== Records for the task ==
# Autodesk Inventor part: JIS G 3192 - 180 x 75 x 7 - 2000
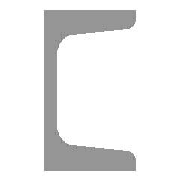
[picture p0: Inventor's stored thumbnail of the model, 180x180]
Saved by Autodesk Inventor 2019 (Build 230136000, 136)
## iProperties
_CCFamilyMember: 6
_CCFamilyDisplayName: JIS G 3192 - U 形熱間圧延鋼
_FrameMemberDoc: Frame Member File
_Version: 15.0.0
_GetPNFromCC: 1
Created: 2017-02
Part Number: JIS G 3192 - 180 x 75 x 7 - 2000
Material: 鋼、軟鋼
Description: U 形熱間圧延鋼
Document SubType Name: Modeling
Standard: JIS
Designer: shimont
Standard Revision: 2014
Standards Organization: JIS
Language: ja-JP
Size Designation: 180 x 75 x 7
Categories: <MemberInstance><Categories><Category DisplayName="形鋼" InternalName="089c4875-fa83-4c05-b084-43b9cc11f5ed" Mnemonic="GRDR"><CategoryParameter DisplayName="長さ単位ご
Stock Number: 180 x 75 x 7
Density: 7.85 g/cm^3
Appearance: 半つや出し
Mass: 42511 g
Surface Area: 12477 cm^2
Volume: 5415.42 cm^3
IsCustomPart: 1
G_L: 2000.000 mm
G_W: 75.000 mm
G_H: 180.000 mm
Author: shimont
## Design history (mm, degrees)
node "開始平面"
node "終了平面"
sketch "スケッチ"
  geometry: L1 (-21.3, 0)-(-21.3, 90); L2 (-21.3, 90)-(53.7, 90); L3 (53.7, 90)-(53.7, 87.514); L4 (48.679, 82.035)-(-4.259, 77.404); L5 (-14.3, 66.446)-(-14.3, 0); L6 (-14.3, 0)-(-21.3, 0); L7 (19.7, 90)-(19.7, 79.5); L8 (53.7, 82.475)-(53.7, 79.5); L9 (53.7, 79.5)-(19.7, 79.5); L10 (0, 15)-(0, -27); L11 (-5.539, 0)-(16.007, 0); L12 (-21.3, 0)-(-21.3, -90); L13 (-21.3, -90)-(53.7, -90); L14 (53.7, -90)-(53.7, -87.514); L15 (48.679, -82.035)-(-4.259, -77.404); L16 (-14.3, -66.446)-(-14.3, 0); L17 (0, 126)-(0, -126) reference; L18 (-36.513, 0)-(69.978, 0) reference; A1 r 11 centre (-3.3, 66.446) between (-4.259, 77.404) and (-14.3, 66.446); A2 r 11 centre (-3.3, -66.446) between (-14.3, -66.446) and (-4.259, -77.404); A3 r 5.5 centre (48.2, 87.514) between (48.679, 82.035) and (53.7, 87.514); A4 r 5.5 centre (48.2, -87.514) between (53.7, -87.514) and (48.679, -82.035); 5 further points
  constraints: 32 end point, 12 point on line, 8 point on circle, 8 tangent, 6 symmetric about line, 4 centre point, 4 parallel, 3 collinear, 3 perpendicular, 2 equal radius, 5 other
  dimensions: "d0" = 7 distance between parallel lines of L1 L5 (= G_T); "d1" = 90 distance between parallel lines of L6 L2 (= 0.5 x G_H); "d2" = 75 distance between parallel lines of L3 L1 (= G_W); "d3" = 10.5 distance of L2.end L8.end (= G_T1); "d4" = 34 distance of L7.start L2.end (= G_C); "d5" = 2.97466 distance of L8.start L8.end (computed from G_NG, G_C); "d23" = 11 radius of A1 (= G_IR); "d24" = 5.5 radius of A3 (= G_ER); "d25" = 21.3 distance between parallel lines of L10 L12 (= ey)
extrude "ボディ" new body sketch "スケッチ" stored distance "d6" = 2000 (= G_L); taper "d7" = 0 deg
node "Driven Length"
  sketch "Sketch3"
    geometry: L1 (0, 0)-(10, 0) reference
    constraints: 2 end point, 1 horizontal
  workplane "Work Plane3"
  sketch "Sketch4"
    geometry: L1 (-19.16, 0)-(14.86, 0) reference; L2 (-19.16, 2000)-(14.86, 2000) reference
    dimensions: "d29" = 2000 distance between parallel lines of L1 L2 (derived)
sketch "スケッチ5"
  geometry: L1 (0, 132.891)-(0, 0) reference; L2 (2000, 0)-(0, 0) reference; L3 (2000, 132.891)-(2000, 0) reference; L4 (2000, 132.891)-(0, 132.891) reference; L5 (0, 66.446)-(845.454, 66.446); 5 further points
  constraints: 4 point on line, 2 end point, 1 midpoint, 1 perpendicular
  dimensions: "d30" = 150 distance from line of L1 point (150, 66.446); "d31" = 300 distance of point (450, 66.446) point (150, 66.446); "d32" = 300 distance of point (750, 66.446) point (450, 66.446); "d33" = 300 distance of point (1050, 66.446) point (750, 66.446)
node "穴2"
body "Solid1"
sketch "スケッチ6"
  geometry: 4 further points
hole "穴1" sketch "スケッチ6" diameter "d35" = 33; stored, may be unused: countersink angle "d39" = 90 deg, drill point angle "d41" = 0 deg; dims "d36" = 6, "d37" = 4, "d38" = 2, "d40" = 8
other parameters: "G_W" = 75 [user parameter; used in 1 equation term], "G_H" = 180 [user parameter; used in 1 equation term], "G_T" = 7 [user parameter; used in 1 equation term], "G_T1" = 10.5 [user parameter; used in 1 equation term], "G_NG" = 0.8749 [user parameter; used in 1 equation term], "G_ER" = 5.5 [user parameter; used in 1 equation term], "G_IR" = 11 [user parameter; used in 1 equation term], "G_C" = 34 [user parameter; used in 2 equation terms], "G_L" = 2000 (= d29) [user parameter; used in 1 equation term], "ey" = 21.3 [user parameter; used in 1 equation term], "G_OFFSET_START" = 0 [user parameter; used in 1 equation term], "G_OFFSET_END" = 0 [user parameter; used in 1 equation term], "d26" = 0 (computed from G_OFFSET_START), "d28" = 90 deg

== Exercise details ==
The lines wanted run from the first one in the material above through the line containing "3192 - U 形熱間圧延鋼"; give them again exactly, leaving out the pictures.

== Written response ==
# Autodesk Inventor part: JIS G 3192 - 180 x 75 x 7 - 2000
[picture p0: Inventor's stored thumbnail of the model, 180x180]
Saved by Autodesk Inventor 2019 (Build 230136000, 136)
## iProperties
_CCFamilyMember: 6
_CCFamilyDisplayName: JIS G 3192 - U 形熱間圧延鋼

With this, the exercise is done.